Several weeks ago, I discussed a paper that showed how parallel data between two languages can be used to improve unsupervised translation between one of the two languages and a third one. This week, I will have a look at a similar idea applied in a different context. I am going to talk about multimodal translation: translation of image captions when you also have access to the original image. Multimodal translation was my Ph.D. topic, so I love to read any news from this topic.

In the paper I am going to discuess today, the setup is slightly different: we have monolingual data in two languages, but in addition to that, we have captioned images in the languages, but no parallel data. The goal is to learn to translate between the languages. The title of the paper that attempts to solve this task is Unsupervised Multimodal Neural Machine Translation with Pseudo Visual Pivoting, it has authors from CMU and Monash University and will appear at this year’s virtual ACL.

The main idea of the paper following: in the described data setup, we can train image captioning in both languages. Using the image captioning system, they can generate synthetic source sentences and use them to train a multimodal translation system using both image and source sentence as its input.

Pseudo-Pivoting

And these translation systems can be used to generate another synthetic data for standard back-translation (in the paper, they call it quite cryptically Pivoted Captioning for Back-Translation).

Backtranslation

And besides, they add a third artificial task to keep everything together. They want captions of the same image to be translations of each other, i.e., get a high probability in the translation model (this is called Pivoted Captioning for Paired-Translation).

Paired Translation

Everything sounds like a very straightforward application of ideas that are around for quite a while, but it has a secrete ingredient that makes it work efficiently. It is the way they represent the image that they call “Visual-Semantic Embedding”. They run an object detector for the images and represent each object by the penultimate layer of the object detection network. Then, they learn a projection of the object representations such that hidden states of the text encoder can be expressed as a linear combination of the projected object representations.

Compared to the standard unsupervised translation that relies on iterative back-translation, this way of training improves the translation quality quite a lot. On the other hand, the standard unsupervised methods are designed to work with much larger datasets and these data come from a quite narrow domain. When they integrate this training machinery into a supervised learning setup in addition to standard training examples, they reach the state-of-the-art results.
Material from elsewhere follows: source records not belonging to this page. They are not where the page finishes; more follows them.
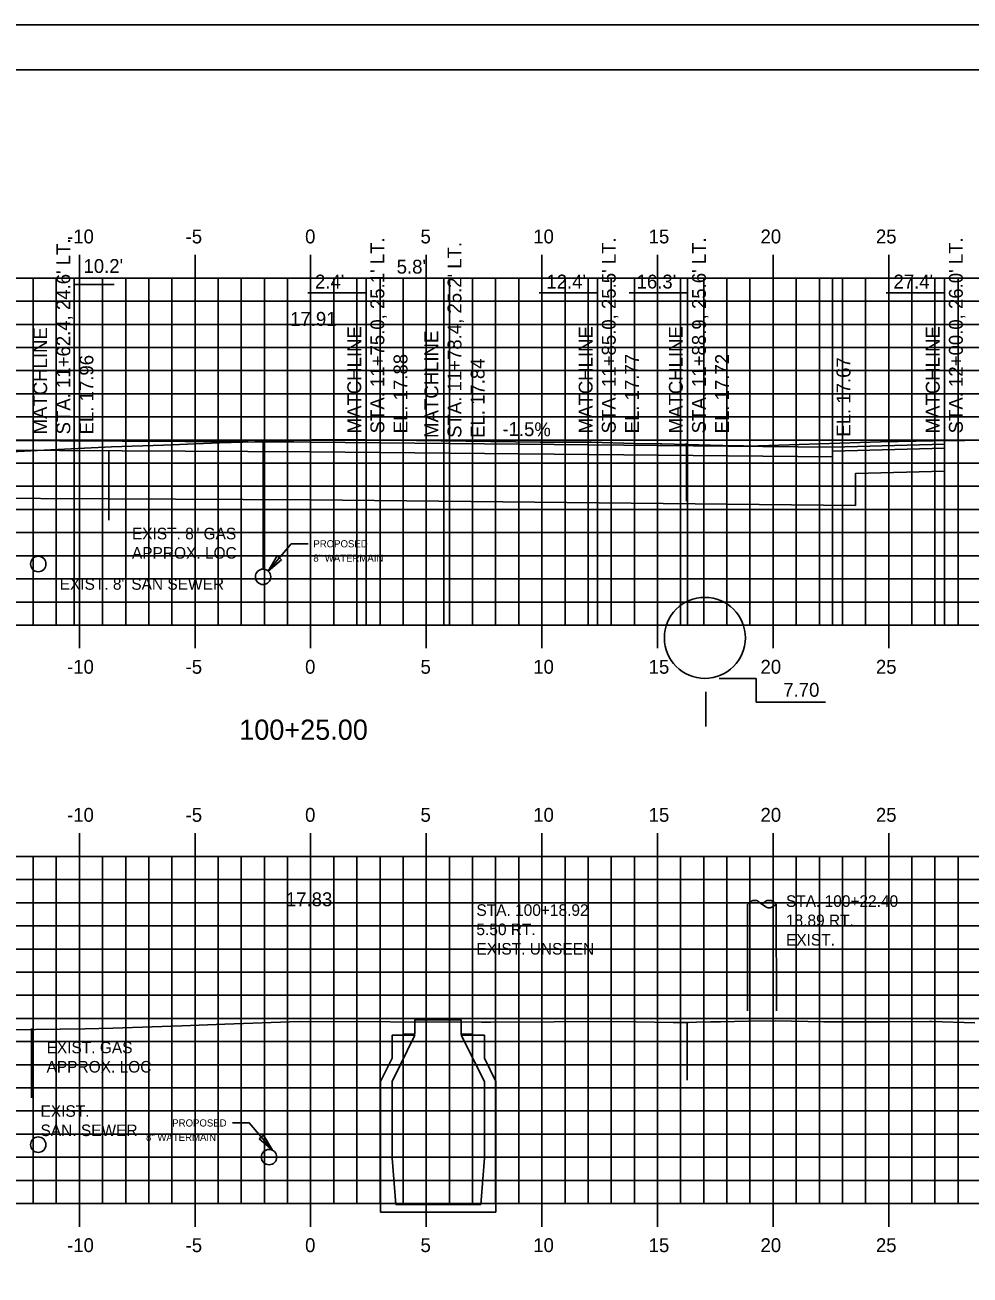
# Model space of a CAD drawing. Extents: x 1023237 to 1023407, y 394697 to 394807.
# Drawn here: x 1023307.3 to 1023348.2, y 394752.5 to 394806.5 of the extents above; entities that cross this region are included whole.
import ezdxf

# ---------------------------------------------------------------- set-up
doc = ezdxf.new("R2010")
doc.units = 0
for name, color, linetype in [('ANNOTATION', 7, 'Continuous'), ('BORDER', 7, 'Continuous'), ('D_Drainage_Culvert', 7, 'Continuous'), ('D_Drainage_Text', 7, 'Continuous'), ('D_Roadway_Centerline', 7, 'Continuous'), ('D_Roadway_Centerline_Text', 7, 'Continuous'), ('D_Roadway_Edge_TW', 7, 'Continuous'), ('D_Roadway_Pavement', 7, 'Continuous'), ('D_Roadway_SubGrade', 7, 'Continuous'), ('D_Text_Monospaced', 7, 'Continuous'), ('DIMENSIONS', 7, 'Continuous'), ('H_V ANNOTATION', 7, 'Continuous'), ('MAJOR', 7, 'Continuous'), ('MINOR', 7, 'Continuous'), ('p-water', 7, 'Continuous'), ('p-water-text', 7, 'Continuous'), ('PLOT BOUNDARY', 7, 'Continuous'), ('S_Drainage_MH', 7, 'Continuous'), ('S_Roadway_Centerline', 7, 'Continuous'), ('S_Roadway_Edge_Pavement', 7, 'Continuous'), ('S_Utilities_Pole_Power', 7, 'Continuous'), ('S_Utilities_UG_Gas_Line', 7, 'Continuous'), ('S_Utilities_UG_Sanitary_Sewer', 7, 'Continuous')]:
    doc.layers.add(name, color=color, linetype=linetype)

msp = doc.modelspace()

# ---------------------------------------------------------------- linework, layer by layer
at = {"layer": 'ANNOTATION'}
for p, q in [((1023311.161, 394795.335), (1023309.438, 394795.335)), ((1023323.069, 394795.61), (1023325.588, 394795.61)), ((1023319.538, 394794.966), (1023322.057, 394794.966)), ((1023329.545, 394794.966), (1023332.064, 394794.966)), ((1023333.444, 394794.966), (1023335.963, 394794.966)), ((1023344.556, 394794.966), (1023347.075, 394794.966)), ((1023336.751, 394777.718), (1023336.751, 394776.23))]:
    msp.add_line(p, q, dxfattribs=at)
at = {"layer": 'BORDER'}
msp.add_line((1023404.664, 394804.607), (1023244.664, 394804.607), dxfattribs=at)
at = {"layer": 'D_Drainage_Culvert'}
msp.add_circle((1023336.711, 394780.057), 1.752, dxfattribs=at)
at = {"layer": 'D_Drainage_Text'}
for p, q in [((1023337.336, 394778.307), (1023338.932, 394778.307)), ((1023338.932, 394777.283), (1023338.932, 394778.307)), ((1023338.932, 394777.283), (1023341.931, 394777.283))]:
    msp.add_line(p, q, dxfattribs=at)
at = {"layer": 'D_Roadway_Edge_TW'}
for p, q in [((1023297.301, 394788.633), (1023319.663, 394788.518)), ((1023319.663, 394788.518), (1023342.226, 394788.295))]:
    msp.add_line(p, q, dxfattribs=at)
at = {"layer": 'D_Roadway_Pavement'}
for p, q in [((1023319.663, 394788.101), (1023297.301, 394788.216)), ((1023342.226, 394787.878), (1023319.663, 394788.101))]:
    msp.add_line(p, q, dxfattribs=at)
at = {"layer": 'D_Roadway_SubGrade'}
msp.add_lwpolyline([(1023343.226, 394785.785), (1023319.663, 394786.018), (1023296.301, 394786.138)], dxfattribs=at)
at = {"layer": 'DIMENSIONS'}
for p, q in [((1023309.438, 394780.607), (1023309.438, 394795.607)), ((1023322.057, 394780.607), (1023322.057, 394795.607)), ((1023325.426, 394780.607), (1023325.426, 394795.607)), ((1023332.064, 394780.607), (1023332.064, 394795.607)), ((1023335.963, 394780.607), (1023335.963, 394795.607)), ((1023342.226, 394780.591), (1023342.226, 394795.591)), ((1023347.075, 394780.607), (1023347.075, 394795.607)), ((1023342.226, 394788.295), (1023347.075, 394788.427)), ((1023342.226, 394788.128), (1023347.075, 394788.26))]:
    msp.add_line(p, q, dxfattribs=at)
msp.add_lwpolyline([(1023343.226, 394785.785), (1023343.226, 394787.156), (1023347.075, 394787.26)], dxfattribs=at)
at = {"layer": 'MAJOR'}
for p, q in [((1023309.663, 394796.609), (1023309.663, 394795.607)), ((1023314.663, 394796.609), (1023314.663, 394795.607)), ((1023319.663, 394796.609), (1023319.663, 394795.607)), ((1023324.663, 394796.609), (1023324.663, 394795.607)), ((1023329.663, 394796.609), (1023329.663, 394795.607)), ((1023334.663, 394796.609), (1023334.663, 394795.607)), ((1023339.663, 394796.609), (1023339.663, 394795.607)), ((1023344.663, 394796.609), (1023344.663, 394795.607)), ((1023249.663, 394795.607), (1023389.663, 394795.607)), ((1023309.663, 394780.607), (1023309.663, 394795.607)), ((1023314.663, 394780.607), (1023314.663, 394795.607)), ((1023319.663, 394780.607), (1023319.663, 394795.607)), ((1023324.663, 394780.607), (1023324.663, 394795.607)), ((1023329.663, 394780.607), (1023329.663, 394795.607)), ((1023334.663, 394780.607), (1023334.663, 394795.607)), ((1023339.663, 394780.607), (1023339.663, 394795.607)), ((1023344.663, 394780.607), (1023344.663, 394795.607)), ((1023249.663, 394790.607), (1023389.663, 394790.607)), ((1023249.663, 394785.607), (1023389.663, 394785.607)), ((1023249.663, 394780.607), (1023389.663, 394780.607)), ((1023309.663, 394779.605), (1023309.663, 394780.607)), ((1023314.663, 394779.605), (1023314.663, 394780.607)), ((1023319.663, 394779.605), (1023319.663, 394780.607)), ((1023324.663, 394779.605), (1023324.663, 394780.607)), ((1023329.663, 394779.605), (1023329.663, 394780.607)), ((1023334.663, 394779.605), (1023334.663, 394780.607)), ((1023339.663, 394779.605), (1023339.663, 394780.607)), ((1023344.663, 394779.605), (1023344.663, 394780.607)), ((1023309.663, 394771.609), (1023309.663, 394770.607)), ((1023314.663, 394771.609), (1023314.663, 394770.607)), ((1023319.663, 394771.609), (1023319.663, 394770.607)), ((1023324.663, 394771.609), (1023324.663, 394770.607)), ((1023329.663, 394771.609), (1023329.663, 394770.607)), ((1023334.663, 394771.609), (1023334.663, 394770.607)), ((1023339.663, 394771.609), (1023339.663, 394770.607)), ((1023344.663, 394771.609), (1023344.663, 394770.607)), ((1023249.663, 394770.607), (1023389.663, 394770.607)), ((1023309.663, 394755.607), (1023309.663, 394770.607)), ((1023314.663, 394755.607), (1023314.663, 394770.607)), ((1023319.663, 394755.607), (1023319.663, 394770.607)), ((1023324.663, 394755.607), (1023324.663, 394770.607)), ((1023329.663, 394755.607), (1023329.663, 394770.607)), ((1023334.663, 394755.607), (1023334.663, 394770.607)), ((1023339.663, 394755.607), (1023339.663, 394770.607)), ((1023344.663, 394755.607), (1023344.663, 394770.607)), ((1023249.663, 394765.607), (1023389.663, 394765.607)), ((1023249.663, 394760.607), (1023389.663, 394760.607)), ((1023249.663, 394755.607), (1023389.663, 394755.607)), ((1023309.663, 394754.605), (1023309.663, 394755.607)), ((1023314.663, 394754.605), (1023314.663, 394755.607)), ((1023319.663, 394754.605), (1023319.663, 394755.607)), ((1023324.663, 394754.605), (1023324.663, 394755.607)), ((1023329.663, 394754.605), (1023329.663, 394755.607)), ((1023334.663, 394754.605), (1023334.663, 394755.607)), ((1023339.663, 394754.605), (1023339.663, 394755.607)), ((1023344.663, 394754.605), (1023344.663, 394755.607))]:
    msp.add_line(p, q, dxfattribs=at)
at = {"layer": 'MINOR'}
for p, q in [((1023307.663, 394780.607), (1023307.663, 394795.607)), ((1023308.663, 394780.607), (1023308.663, 394795.607)), ((1023310.663, 394780.607), (1023310.663, 394795.607)), ((1023311.663, 394780.607), (1023311.663, 394795.607)), ((1023312.663, 394780.607), (1023312.663, 394795.607)), ((1023313.663, 394780.607), (1023313.663, 394795.607)), ((1023315.663, 394780.607), (1023315.663, 394795.607)), ((1023316.663, 394780.607), (1023316.663, 394795.607)), ((1023317.663, 394780.607), (1023317.663, 394795.607)), ((1023318.663, 394780.607), (1023318.663, 394795.607)), ((1023320.663, 394780.607), (1023320.663, 394795.607)), ((1023321.663, 394780.607), (1023321.663, 394795.607)), ((1023322.663, 394780.607), (1023322.663, 394795.607)), ((1023323.663, 394780.607), (1023323.663, 394795.607)), ((1023325.663, 394780.607), (1023325.663, 394795.607)), ((1023326.663, 394780.607), (1023326.663, 394795.607)), ((1023327.663, 394780.607), (1023327.663, 394795.607)), ((1023328.663, 394780.607), (1023328.663, 394795.607)), ((1023330.663, 394780.607), (1023330.663, 394795.607)), ((1023331.663, 394780.607), (1023331.663, 394795.607)), ((1023332.663, 394780.607), (1023332.663, 394795.607)), ((1023333.663, 394780.607), (1023333.663, 394795.607)), ((1023335.663, 394780.607), (1023335.663, 394795.607)), ((1023336.663, 394780.607), (1023336.663, 394795.607)), ((1023337.663, 394780.607), (1023337.663, 394795.607)), ((1023338.663, 394780.607), (1023338.663, 394795.607)), ((1023340.663, 394780.607), (1023340.663, 394795.607)), ((1023341.663, 394780.607), (1023341.663, 394795.607)), ((1023342.663, 394780.607), (1023342.663, 394795.607)), ((1023343.663, 394780.607), (1023343.663, 394795.607)), ((1023345.663, 394780.607), (1023345.663, 394795.607)), ((1023346.663, 394780.607), (1023346.663, 394795.607)), ((1023347.663, 394780.607), (1023347.663, 394795.607)), ((1023249.663, 394794.607), (1023389.663, 394794.607)), ((1023249.663, 394793.607), (1023389.663, 394793.607)), ((1023249.663, 394792.607), (1023389.663, 394792.607)), ((1023249.663, 394791.607), (1023389.663, 394791.607)), ((1023249.663, 394789.607), (1023389.663, 394789.607)), ((1023249.663, 394788.607), (1023389.663, 394788.607)), ((1023249.663, 394787.607), (1023389.663, 394787.607)), ((1023249.663, 394786.607), (1023389.663, 394786.607)), ((1023249.663, 394784.607), (1023389.663, 394784.607)), ((1023249.663, 394783.607), (1023389.663, 394783.607)), ((1023249.663, 394782.607), (1023389.663, 394782.607)), ((1023249.663, 394781.607), (1023389.663, 394781.607)), ((1023307.663, 394755.607), (1023307.663, 394770.607)), ((1023308.663, 394755.607), (1023308.663, 394770.607)), ((1023310.663, 394755.607), (1023310.663, 394770.607)), ((1023311.663, 394755.607), (1023311.663, 394770.607)), ((1023312.663, 394755.607), (1023312.663, 394770.607)), ((1023313.663, 394755.607), (1023313.663, 394770.607)), ((1023315.663, 394755.607), (1023315.663, 394770.607)), ((1023316.663, 394755.607), (1023316.663, 394770.607)), ((1023317.663, 394755.607), (1023317.663, 394770.607)), ((1023318.663, 394755.607), (1023318.663, 394770.607)), ((1023320.663, 394755.607), (1023320.663, 394770.607)), ((1023321.663, 394755.607), (1023321.663, 394770.607)), ((1023322.663, 394755.607), (1023322.663, 394770.607)), ((1023323.663, 394755.607), (1023323.663, 394770.607)), ((1023325.663, 394755.607), (1023325.663, 394770.607)), ((1023326.663, 394755.607), (1023326.663, 394770.607)), ((1023327.663, 394755.607), (1023327.663, 394770.607)), ((1023328.663, 394755.607), (1023328.663, 394770.607)), ((1023330.663, 394755.607), (1023330.663, 394770.607)), ((1023331.663, 394755.607), (1023331.663, 394770.607)), ((1023332.663, 394755.607), (1023332.663, 394770.607)), ((1023333.663, 394755.607), (1023333.663, 394770.607)), ((1023335.663, 394755.607), (1023335.663, 394770.607)), ((1023336.663, 394755.607), (1023336.663, 394770.607)), ((1023337.663, 394755.607), (1023337.663, 394770.607)), ((1023338.663, 394755.607), (1023338.663, 394770.607)), ((1023340.663, 394755.607), (1023340.663, 394770.607)), ((1023341.663, 394755.607), (1023341.663, 394770.607)), ((1023342.663, 394755.607), (1023342.663, 394770.607)), ((1023343.663, 394755.607), (1023343.663, 394770.607)), ((1023345.663, 394755.607), (1023345.663, 394770.607)), ((1023346.663, 394755.607), (1023346.663, 394770.607)), ((1023347.663, 394755.607), (1023347.663, 394770.607)), ((1023249.663, 394769.607), (1023389.663, 394769.607)), ((1023249.663, 394768.607), (1023389.663, 394768.607)), ((1023249.663, 394767.607), (1023389.663, 394767.607)), ((1023249.663, 394766.607), (1023389.663, 394766.607)), ((1023249.663, 394764.607), (1023389.663, 394764.607)), ((1023249.663, 394763.607), (1023389.663, 394763.607)), ((1023249.663, 394762.607), (1023389.663, 394762.607)), ((1023249.663, 394761.607), (1023389.663, 394761.607)), ((1023249.663, 394759.607), (1023389.663, 394759.607)), ((1023249.663, 394758.607), (1023389.663, 394758.607)), ((1023249.663, 394757.607), (1023389.663, 394757.607)), ((1023249.663, 394756.607), (1023389.663, 394756.607))]:
    msp.add_line(p, q, dxfattribs=at)
at = {"layer": 'p-water'}
msp.add_line((1023317.605, 394783.028), (1023317.605, 394788.528), dxfattribs=at)
for centre in [(1023317.605, 394782.695), (1023317.865, 394757.614)]:
    msp.add_circle(centre, 0.333, dxfattribs=at)
at = {"layer": 'p-water-text'}
for points in [[(1023317.823, 394782.947), (1023318.827, 394784.124), (1023319.559, 394784.124)], [(1023318.012, 394757.913), (1023317.008, 394759.09), (1023316.276, 394759.09)]]:
    msp.add_lwpolyline(points, dxfattribs=at)
for points in [[(1023318.404, 394783.437), (1023318.214, 394783.599), (1023317.823, 394782.947)], [(1023317.43, 394758.403), (1023317.621, 394758.565), (1023318.012, 394757.913)]]:
    msp.add_lwpolyline(points, close=True, dxfattribs=at)
at = {"layer": 'PLOT BOUNDARY'}
msp.add_lwpolyline([(1023236.57, 394696.548), (1023406.57, 394696.548), (1023406.57, 394806.548), (1023236.57, 394806.548)], close=True, dxfattribs=at)
at = {"layer": 'S_Drainage_MH'}
for p, q in [((1023324.165, 394762.879), (1023323.181, 394762.879)), ((1023323.181, 394762.879), (1023323.181, 394761.895)), ((1023323.181, 394760.878), (1023324.165, 394762.879)), ((1023327.183, 394762.879), (1023326.166, 394762.879)), ((1023326.166, 394762.879), (1023327.183, 394760.878)), ((1023327.183, 394761.895), (1023327.183, 394762.879)), ((1023323.181, 394761.895), (1023322.688, 394760.878)), ((1023327.675, 394760.878), (1023327.183, 394761.895)), ((1023322.688, 394760.878), (1023322.688, 394755.235)), ((1023323.181, 394757.564), (1023323.181, 394760.878)), ((1023327.183, 394760.878), (1023327.183, 394757.564)), ((1023327.675, 394755.235), (1023327.675, 394760.878)), ((1023323.345, 394755.563), (1023323.181, 394757.564)), ((1023327.183, 394757.564), (1023327.019, 394755.563)), ((1023327.019, 394755.563), (1023323.345, 394755.563)), ((1023322.688, 394755.235), (1023327.675, 394755.235))]:
    msp.add_line(p, q, dxfattribs=at)
msp.add_lwpolyline([(1023326.658, 394762.921), (1023326.166, 394762.921), (1023326.166, 394763.544), (1023324.165, 394763.544), (1023324.165, 394762.921), (1023323.673, 394762.921)], dxfattribs=at)
at = {"layer": 'S_Roadway_Centerline'}
for points in [[(1023306.096, 394788.075), (1023311.046, 394788.308), (1023313.295, 394788.39), (1023315.725, 394788.489), (1023317.751, 394788.547), (1023319.712, 394788.616), (1023322.088, 394788.618), (1023329.582, 394788.516), (1023331.807, 394788.518), (1023333.673, 394788.459), (1023334.773, 394788.442), (1023334.852, 394788.44), (1023335.913, 394788.414), (1023338.004, 394788.363), (1023338.379, 394788.353), (1023338.549, 394788.349), (1023339.029, 394788.364), (1023344.312, 394788.535), (1023346.596, 394788.574), (1023349.311, 394788.598)], [(1023306.691, 394763.108), (1023309.89, 394763.162), (1023311.11, 394763.186), (1023314.095, 394763.295), (1023315.949, 394763.36), (1023319.16, 394763.48), (1023327.051, 394763.444), (1023327.155, 394763.447), (1023327.185, 394763.444), (1023327.244, 394763.444), (1023327.436, 394763.444), (1023332.945, 394763.473), (1023335.343, 394763.438), (1023335.816, 394763.431), (1023335.946, 394763.431), (1023336.009, 394763.431), (1023336.355, 394763.442), (1023336.961, 394763.462), (1023337.394, 394763.467), (1023338.592, 394763.483), (1023339.76, 394763.509), (1023341.862, 394763.463), (1023344.607, 394763.463), (1023346.432, 394763.469), (1023346.48, 394763.469), (1023346.526, 394763.468), (1023348.384, 394763.423)]]:
    msp.add_lwpolyline(points, dxfattribs=at)
at = {"layer": 'S_Roadway_Edge_Pavement'}
for p, q in [((1023335.913, 394788.473), (1023335.913, 394785.973)), ((1023335.946, 394763.434), (1023335.946, 394760.934))]:
    msp.add_line(p, q, dxfattribs=at)
at = {"layer": 'S_Utilities_Pole_Power'}
for p, q in [((1023338.553, 394763.932), (1023338.549, 394768.551)), ((1023338.553, 394768.551), (1023338.709, 394768.661)), ((1023339.021, 394768.661), (1023339.177, 394768.551)), ((1023339.334, 394768.661), (1023339.177, 394768.551)), ((1023339.177, 394768.551), (1023339.334, 394768.44)), ((1023339.803, 394768.551), (1023339.647, 394768.661)), ((1023339.647, 394768.44), (1023339.803, 394768.551)), ((1023339.803, 394763.932), (1023339.799, 394768.551))]:
    msp.add_line(p, q, dxfattribs=at)
for centre, start, end in [((1023338.865, 394768.441), 90, 125.2644), ((1023338.865, 394768.441), 54.7356, 90), ((1023339.49, 394768.441), 90, 125.2644), ((1023339.49, 394768.662), 234.7356, 270), ((1023339.49, 394768.441), 54.7356, 90), ((1023339.49, 394768.662), 270, 305.2644)]:
    msp.add_arc(centre, 0.271, start, end, dxfattribs=at)
at = {"layer": 'S_Utilities_UG_Gas_Line'}
for p, q in [((1023310.929, 394788.15), (1023310.929, 394785.15)), ((1023307.597, 394763.178), (1023307.597, 394760.178))]:
    msp.add_line(p, q, dxfattribs=at)
at = {"layer": 'S_Utilities_UG_Sanitary_Sewer'}
for centre in [(1023307.884, 394783.25), (1023307.881, 394758.15)]:
    msp.add_circle(centre, 0.333, dxfattribs=at)

# ---------------------------------------------------------------- texts
at = {"layer": 'ANNOTATION'}
for s, rotation, p in [("STA. 11+62.4, 24.6' LT.", 90, (1023309.267, 394788.851)), ("STA. 11+75.0, 25.1' LT.", 90, (1023322.849, 394788.896)), ("STA. 11+78.4, 25.2' LT.", 90, (1023326.183, 394788.7)), ("STA. 11+85.0, 25.5' LT.", 90, (1023332.856, 394788.896)), ("STA. 11+88.9, 25.6' LT.", 90, (1023336.756, 394788.896)), ("STA. 12+00.0, 26.0' LT.", 90, (1023347.867, 394788.896)), ('MATCHLINE', 90, (1023308.267, 394788.851)), ('MATCHLINE', 90, (1023321.849, 394788.896)), ('MATCHLINE', 90, (1023325.183, 394788.7)), ('MATCHLINE', 90, (1023331.856, 394788.896)), ('MATCHLINE', 90, (1023335.756, 394788.896)), ('MATCHLINE', 90, (1023346.867, 394788.896)), ('EL. 17.96', 90, (1023310.267, 394788.851)), ('EL. 17.88', 90, (1023323.849, 394788.896)), ('EL. 17.84', 90, (1023327.183, 394788.7)), ('EL. 17.77', 90, (1023333.856, 394788.896)), ('EL. 17.72', 90, (1023337.756, 394788.896)), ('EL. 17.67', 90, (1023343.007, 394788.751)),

We can of course object, that these results only hold for the Multi30k dataset that consists mostly of simple sentences that use only concepts that do have a visual counterpart which is indeed a limited use language. Sentences like: “I am hungry.”, “I cannot have your pain.” or “All human beings are born free and equal in dignity and rights.” have no direct visual representation (in the sense that there is no photograph that could be captioned like this).

However, I believe that being able to ground even the simple concepts in vision has the potential to help to get truly multilingual language representations. The famous book Metaphors we live by promotes the idea that all concepts are partially understood in terms of other concepts and ultimately grounded in basic physical experience. Complex and abstract words are understood in terms of a more familiar concept that we have more direct experience with. For instance, a rational argument is partially understood as a war: you can attack your opponent, partially as a journey: it can lead nowhere, and partially as other concepts. If we succeed in grounding the basic concepts in the visual modality in a language-agnostic way, this might be the representation that we might use to build multilingual models covering even more abstract corners of human languages.